With an ever-increasing number of pop-ups making their way to bars, communal spaces and restaurants, it’s safe to say that the concept is gaining traction. This past May, Propeller: A Force for Social Innovation (a co-working space and start-up incubator that focuses on social issues and provides a network for hopeful entrepreneurs) held its annual Propeller Pop event, featuring food from over ten different pop-ups, stretching across all corners of the globe, from Mexico to Burma. Attracting a huge turnout, the event was a testament to the potential for smaller, niche types of cuisine that is at the forefront of the burgeoning pop-up movement. Adding to this, more and more ex-pop-ups are realizing their dream and becoming full restaurants—Pizza Delicious, and Milkfish, to name a two. These are restaurants whose success is rooted in the following they acquired and the community support they received initially as pop-ups. With this transformation, the potential for chefs, culinary enthusiasts, bartenders and diners is seemingly endless. 

Today, social media and the internet serve as crucial platforms on which to connect and create, allowing anyone dedicated and determined enough to realize their dreams. “I think the internet has become an essential tool for the way we deal with and think about food. Anything from Yelp, to using Twitter or Instagram, to updating our following about what is going on—it all helps us maintain a rapport with the customer that would otherwise be harder to maintain,” says Dischler of Chilango.  
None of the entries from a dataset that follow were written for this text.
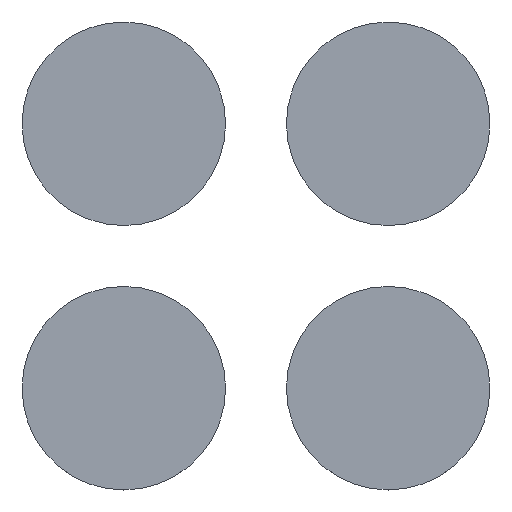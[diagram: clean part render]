
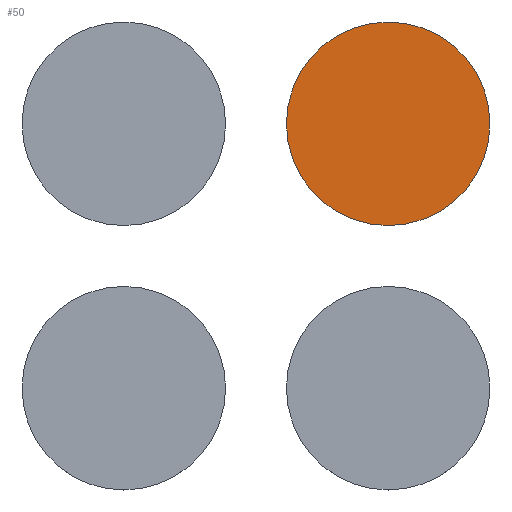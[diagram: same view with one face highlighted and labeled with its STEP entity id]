
A CAD part, top view. The second image highlights one B-rep face of the part: STEP entity #50.
In plain terms, the highlighted planar face has unit normal (0, 0, 1).
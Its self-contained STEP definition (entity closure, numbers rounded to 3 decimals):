
#21 = EDGE_CURVE('',#22,#22,#24,.T.);
#22 = VERTEX_POINT('',#23);
#23 = CARTESIAN_POINT('',(204.612,115.612,32.));
#24 = CIRCLE('',#25,89.);
#25 = AXIS2_PLACEMENT_3D('',#26,#27,#28);
#26 = CARTESIAN_POINT('',(115.612,115.612,32.));
#27 = DIRECTION('',(0.,0.,1.));
#28 = DIRECTION('',(1.,0.,0.));
#50 = ADVANCED_FACE('',(#51),#54,.T.);
#51 = FACE_BOUND('',#52,.T.);
#52 = EDGE_LOOP('',(#53));
#53 = ORIENTED_EDGE('',*,*,#21,.T.);
#54 = PLANE('',#55);
#55 = AXIS2_PLACEMENT_3D('',#56,#57,#58);
#56 = CARTESIAN_POINT('',(115.612,115.612,32.));
#57 = DIRECTION('',(0.,0.,1.));
#58 = DIRECTION('',(1.,0.,0.));
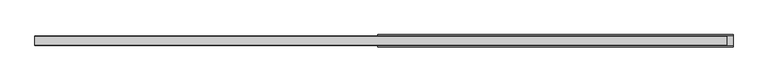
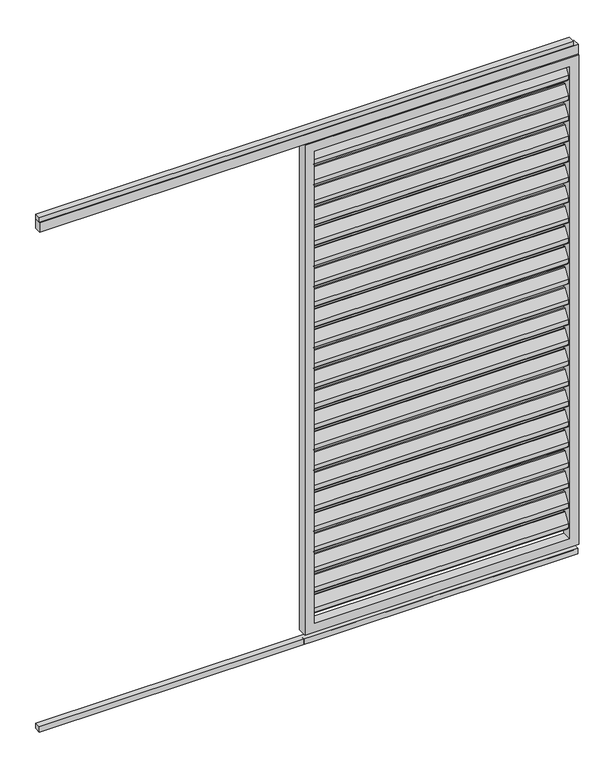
"""IFC4 building model written with IfcOpenShell, lengths in millimetres: proxy geometry, Renson_Algarve_Loggia_Paro_Aluminium : Renson_Algarve_Loggia_Paro_Aluminium."""

from ifc_helpers import new_model, si_unit, point, frame, frame_2d, origin, origin_with_axes, place, context, project, spatial, polyline, circle_curve, trimmed, segment, composite_curve, outline, extrude, source, transform, mapped, element, save


def generic_models_12cfa856(model_context):
    return source(origin(), model_context, "Body", "SweptSolid", [
        extrude(outline(composite_curve([segment(trimmed(circle_curve(frame_2d((12.6675921, 2162.6587719)), 3.0), [point((10.1515804, 2164.292689))], [point((15.6675921, 2162.6587719))], False, "CARTESIAN"), True, "CONTINUOUS"), segment(polyline([(15.6675921, 2162.6587719), (15.6675921, 2144.2979873)]), True, "CONTINUOUS"), segment(trimmed(circle_curve(frame_2d((12.6675921, 2144.2979873)), 3.0), [point((15.6675921, 2144.2979873))], [point((15.1836038, 2142.6640702))], False, "CARTESIAN"), True, "CONTINUOUS"), segment(polyline([(15.1836038, 2142.6640702), (-8.8163962, 2105.707311)]), True, "CONTINUOUS"), segment(trimmed(circle_curve(frame_2d((-11.3324079, 2107.3412281)), 3.0), [point((-8.8163962, 2105.707311))], [point((-14.3324079, 2107.3412281))], False, "CARTESIAN"), True, "CONTINUOUS"), segment(polyline([(-14.3324079, 2107.3412281), (-14.3324079, 2126.5906532), (10.1515804, 2164.292689)]), True, "CONTINUOUS")], self_intersect=False)), frame((-532.5, 0.0, 0.0), z_axis=(1.0, 0.0, 0.0), x_axis=(0.0, 1.0, 0.0)), (0.0, 0.0, 1.0), 1065.0),
        extrude(outline(composite_curve([segment(trimmed(circle_curve(frame_2d((12.6675921, 2072.6587719)), 3.0), [point((10.1515804, 2074.292689))], [point((15.6675921, 2072.6587719))], False, "CARTESIAN"), True, "CONTINUOUS"), segment(polyline([(15.6675921, 2072.6587719), (15.6675921, 2054.2979873)]), True, "CONTINUOUS"), segment(trimmed(circle_curve(frame_2d((12.6675921, 2054.2979873)), 3.0), [point((15.6675921, 2054.2979873))], [point((15.1836038, 2052.6640702))], False, "CARTESIAN"), True, "CONTINUOUS"), segment(polyline([(15.1836038, 2052.6640702), (-8.8163962, 2015.707311)]), True, "CONTINUOUS"), segment(trimmed(circle_curve(frame_2d((-11.3324079, 2017.3412281)), 3.0), [point((-8.8163962, 2015.707311))], [point((-14.3324079, 2017.3412281))], False, "CARTESIAN"), True, "CONTINUOUS"), segment(polyline([(-14.3324079, 2017.3412281), (-14.3324079, 2036.5906532), (10.1515804, 2074.292689)]), True, "CONTINUOUS")], self_intersect=False)), frame((-532.5, 0.0, 0.0), z_axis=(1.0, 0.0, 0.0), x_axis=(0.0, 1.0, 0.0)), (0.0, 0.0, 1.0), 1065.0),
        extrude(outline(composite_curve([segment(trimmed(circle_curve(frame_2d((12.6675921, 1982.6587719)), 3.0), [point((10.1515804, 1984.292689))], [point((15.6675921, 1982.6587719))], False, "CARTESIAN"), True, "CONTINUOUS"), segment(polyline([(15.6675921, 1982.6587719), (15.6675921, 1964.2979873)]), True, "CONTINUOUS"), segment(trimmed(circle_curve(frame_2d((12.6675921, 1964.2979873)), 3.0), [point((15.6675921, 1964.2979873))], [point((15.1836038, 1962.6640702))], False, "CARTESIAN"), True, "CONTINUOUS"), segment(polyline([(15.1836038, 1962.6640702), (-8.8163962, 1925.707311)]), True, "CONTINUOUS"), segment(trimmed(circle_curve(frame_2d((-11.3324079, 1927.3412281)), 3.0), [point((-8.8163962, 1925.707311))], [point((-14.3324079, 1927.3412281))], False, "CARTESIAN"), True, "CONTINUOUS"), segment(polyline([(-14.3324079, 1927.3412281), (-14.3324079, 1946.5906532), (10.1515804, 1984.292689)]), True, "CONTINUOUS")], self_intersect=False)), frame((-532.5, 0.0, 0.0), z_axis=(1.0, 0.0, 0.0), x_axis=(0.0, 1.0, 0.0)), (0.0, 0.0, 1.0), 1065.0),
        extrude(outline(composite_curve([segment(trimmed(circle_curve(frame_2d((12.6675921, 1892.6587719)), 3.0), [point((10.1515804, 1894.292689))], [point((15.6675921, 1892.6587719))], False, "CARTESIAN"), True, "CONTINUOUS"), segment(polyline([(15.6675921, 1892.6587719), (15.6675921, 1874.2979873)]), True, "CONTINUOUS"), segment(trimmed(circle_curve(frame_2d((12.6675921, 1874.2979873)), 3.0), [point((15.6675921, 1874.2979873))], [point((15.1836038, 1872.6640702))], False, "CARTESIAN"), True, "CONTINUOUS"), segment(polyline([(15.1836038, 1872.6640702), (-8.8163962, 1835.707311)]), True, "CONTINUOUS"), segment(trimmed(circle_curve(frame_2d((-11.3324079, 1837.3412281)), 3.0), [point((-8.8163962, 1835.707311))], [point((-14.3324079, 1837.3412281))], False, "CARTESIAN"), True, "CONTINUOUS"), segment(polyline([(-14.3324079, 1837.3412281), (-14.3324079, 1856.5906532), (10.1515804, 1894.292689)]), True, "CONTINUOUS")], self_intersect=False)), frame((-532.5, 0.0, 0.0), z_axis=(1.0, 0.0, 0.0), x_axis=(0.0, 1.0, 0.0)), (0.0, 0.0, 1.0), 1065.0),
        extrude(outline(composite_curve([segment(trimmed(circle_curve(frame_2d((12.6675921, 1802.6587719)), 3.0), [point((10.1515804, 1804.292689))], [point((15.6675921, 1802.6587719))], False, "CARTESIAN"), True, "CONTINUOUS"), segment(polyline([(15.6675921, 1802.6587719), (15.6675921, 1784.2979873)]), True, "CONTINUOUS"), segment(trimmed(circle_curve(frame_2d((12.6675921, 1784.2979873)), 3.0), [point((15.6675921, 1784.2979873))], [point((15.1836038, 1782.6640702))], False, "CARTESIAN"), True, "CONTINUOUS"), segment(polyline([(15.1836038, 1782.6640702), (-8.8163962, 1745.707311)]), True, "CONTINUOUS"), segment(trimmed(circle_curve(frame_2d((-11.3324079, 1747.3412281)), 3.0), [point((-8.8163962, 1745.707311))], [point((-14.3324079, 1747.3412281))], False, "CARTESIAN"), True, "CONTINUOUS"), segment(polyline([(-14.3324079, 1747.3412281), (-14.3324079, 1766.5906532), (10.1515804, 1804.292689)]), True, "CONTINUOUS")], self_intersect=False)), frame((-532.5, 0.0, 0.0), z_axis=(1.0, 0.0, 0.0), x_axis=(0.0, 1.0, 0.0)), (0.0, 0.0, 1.0), 1065.0),
        extrude(outline(composite_curve([segment(trimmed(circle_curve(frame_2d((12.6675921, 1712.6587719)), 3.0), [point((10.1515804, 1714.292689))], [point((15.6675921, 1712.6587719))], False, "CARTESIAN"), True, "CONTINUOUS"), segment(polyline([(15.6675921, 1712.6587719), (15.6675921, 1694.2979873)]), True, "CONTINUOUS"), segment(trimmed(circle_curve(frame_2d((12.6675921, 1694.2979873)), 3.0), [point((15.6675921, 1694.2979873))], [point((15.1836038, 1692.6640702))], False, "CARTESIAN"), True, "CONTINUOUS"), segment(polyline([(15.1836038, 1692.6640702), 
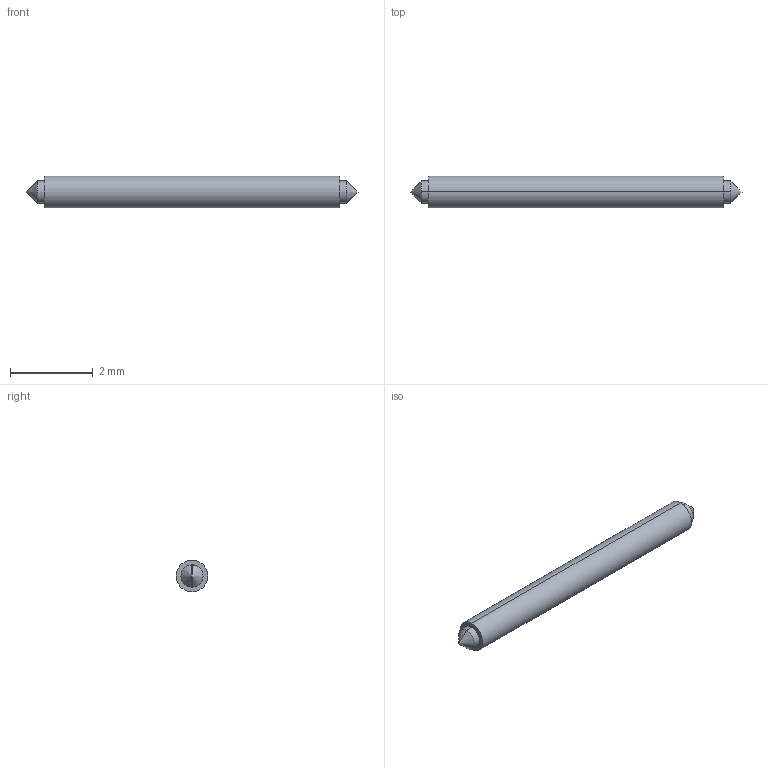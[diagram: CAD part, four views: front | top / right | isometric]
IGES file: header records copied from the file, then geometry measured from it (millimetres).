
Start section: SolidWorks IGES file using analytic representation for surfaces
Global section: file name: Z:\probe solid model mockups\Solidworks models\IGES Files\CSP1-1.27 IGES files\CSP1-1.27BB RECD.IGS; native system: SolidWorks 2006 by SolidWorks Corporation; preprocessor: SolidWorks 2006 by SolidWorks Corporation; author: tsakatani; date: 080108.155318; units: inch
Bounding box: 8 x 0.76 x 0.76 mm (x, y, z)
Surface area: 18.7 mm2 (no closed solid volume)
Topology: 0 solids, 0 shells, 12 faces, 104 edges, 100 vertices
Faces by surface type: revolution 10, bspline 2
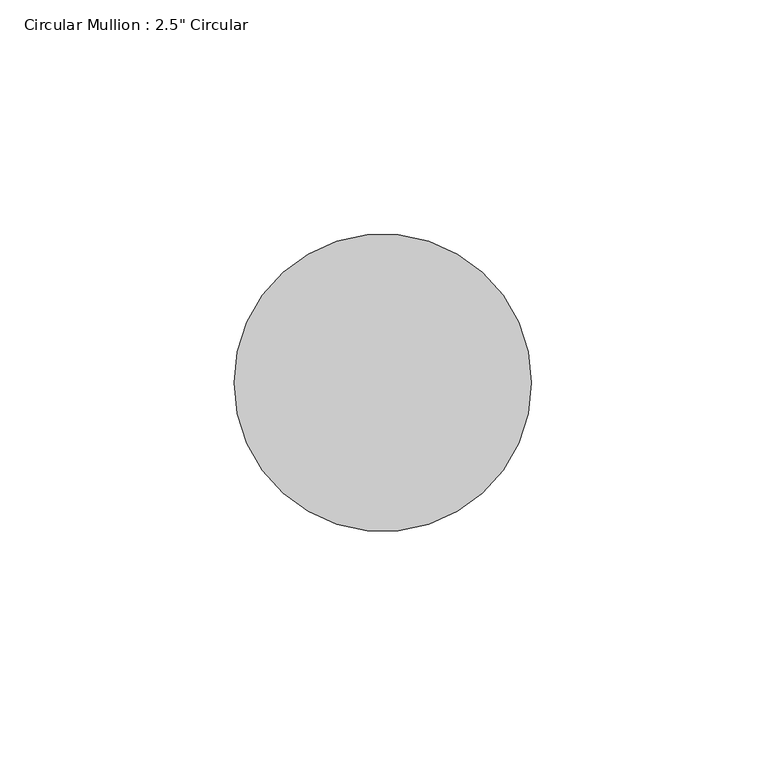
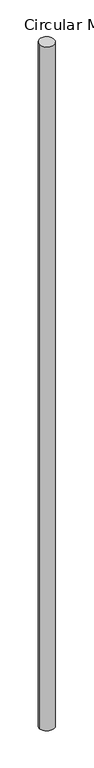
"""IFC4 building model written with IfcOpenShell, lengths in millimetres: member geometry."""

from ifc_helpers import new_model, si_unit, frame, origin, origin_with_axes, place, context, project, spatial, ellipse_curve, source, transform, mapped, element, save
from ifc_brep_helpers import plane_surface, cylinder_surface, advanced_brep


def member_e99998d1(model_context):
    return source(origin(), model_context, "Body", "AdvancedBrep", [
        advanced_brep(
        [(-31.75, 0.0, 0.3640846), (31.75, 0.0, -0.3640846), (31.75, 0.0, -3045.053113), (-31.75, 0.0, -3045.7942123)],
        [
            (0, 1, ellipse_curve(frame((0.0, 0.0, 0.0), z_axis=(-0.011452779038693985, 0.04886655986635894, -0.9987396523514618), x_axis=(-0.22789766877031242, 0.9723906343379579, 0.050190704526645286)), 31.7900665, 31.75)),
            (1, 2),
            (2, 3, ellipse_curve(frame((0.0, 0.0, -3045.4236627), z_axis=(-0.011658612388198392, 0.04428498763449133, 0.9989509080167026), x_axis=(0.2543215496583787, -0.9660349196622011, 0.04579392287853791)), 31.7833437, 31.75)),
            (3, 0),
            (1, 0, ellipse_curve(frame((0.0, 0.0, 0.0), z_axis=(-0.011452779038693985, 0.04886655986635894, -0.9987396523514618), x_axis=(-0.22789766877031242, 0.9723906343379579, 0.050190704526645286)), 31.7900665, 31.75)),
            (3, 2, ellipse_curve(frame((0.0, 0.0, -3045.4236627), z_axis=(-0.011658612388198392, 0.04428498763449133, 0.9989509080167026), x_axis=(0.2543215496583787, -0.9660349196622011, 0.04579392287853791)), 31.7833437, 31.75)),
        ],
        [
            cylinder_surface(origin_with_axes(), 31.75),
            plane_surface(frame((296.7586845, 69.5508677, 0.0), z_axis=(0.011452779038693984, -0.048866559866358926, 0.9987396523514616), x_axis=(0.2278976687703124, -0.9723906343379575, -0.05019070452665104))),
            plane_surface(frame((294.7566704, 77.5986164, -3045.4236627), z_axis=(0.011658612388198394, -0.04428498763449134, -0.9989509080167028), x_axis=(0.25432154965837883, -0.9660349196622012, 0.04579392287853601))),
        ],
        [
            (0, [[1, 2, 3, 4]]),
            (0, [[5, -4, 6, -2]]),
            (1, [[-1, -5]]),
            (2, [[-6, -3]]),
        ],
    ),
    ])


if __name__ == "__main__":
    model = new_model("IFC4")
    model_context = context("Model", 3, world=origin())
    ifc_project = project(units=[si_unit("LENGTHUNIT", "METRE", prefix="MILLI")], contexts=[model_context])
    site = spatial("IfcSite", under=ifc_project)
    building = spatial("IfcBuilding", under=site)
    placement = place(None, origin())
    member_shape = member_e99998d1(model_context)
    element("IfcMember", 1, ObjectType="Circular Mullion : 2.5\" Circular", at=placement, inside=building, context=model_context, shape_type="MappedRepresentation", body=[
        mapped(member_shape, transform((0.0, 0.0, 0.0), x_axis=(1.0, 0.0, 0.0), y_axis=(0.0, 1.0, 0.0), z_axis=(0.0, 0.0, 1.0))),
    ])
    save(model, "model.ifc")

With the rise of these new concepts, it’s safe to say that New Orleans is emerging as a hub for creative, modern, and alternative dining experiences. The increasing number of food-focused events and programs—such as the Eat Local Challenge, Dinner Lab, GrowDat Youth Farm, and Top Box Foods—makes the future appear optimistic for food education and celebration. Hopefully, the future will also be one in which good, quality food is not a luxury but a norm, and in which our relationship to our food can be felt and understood by those on both sides of the table.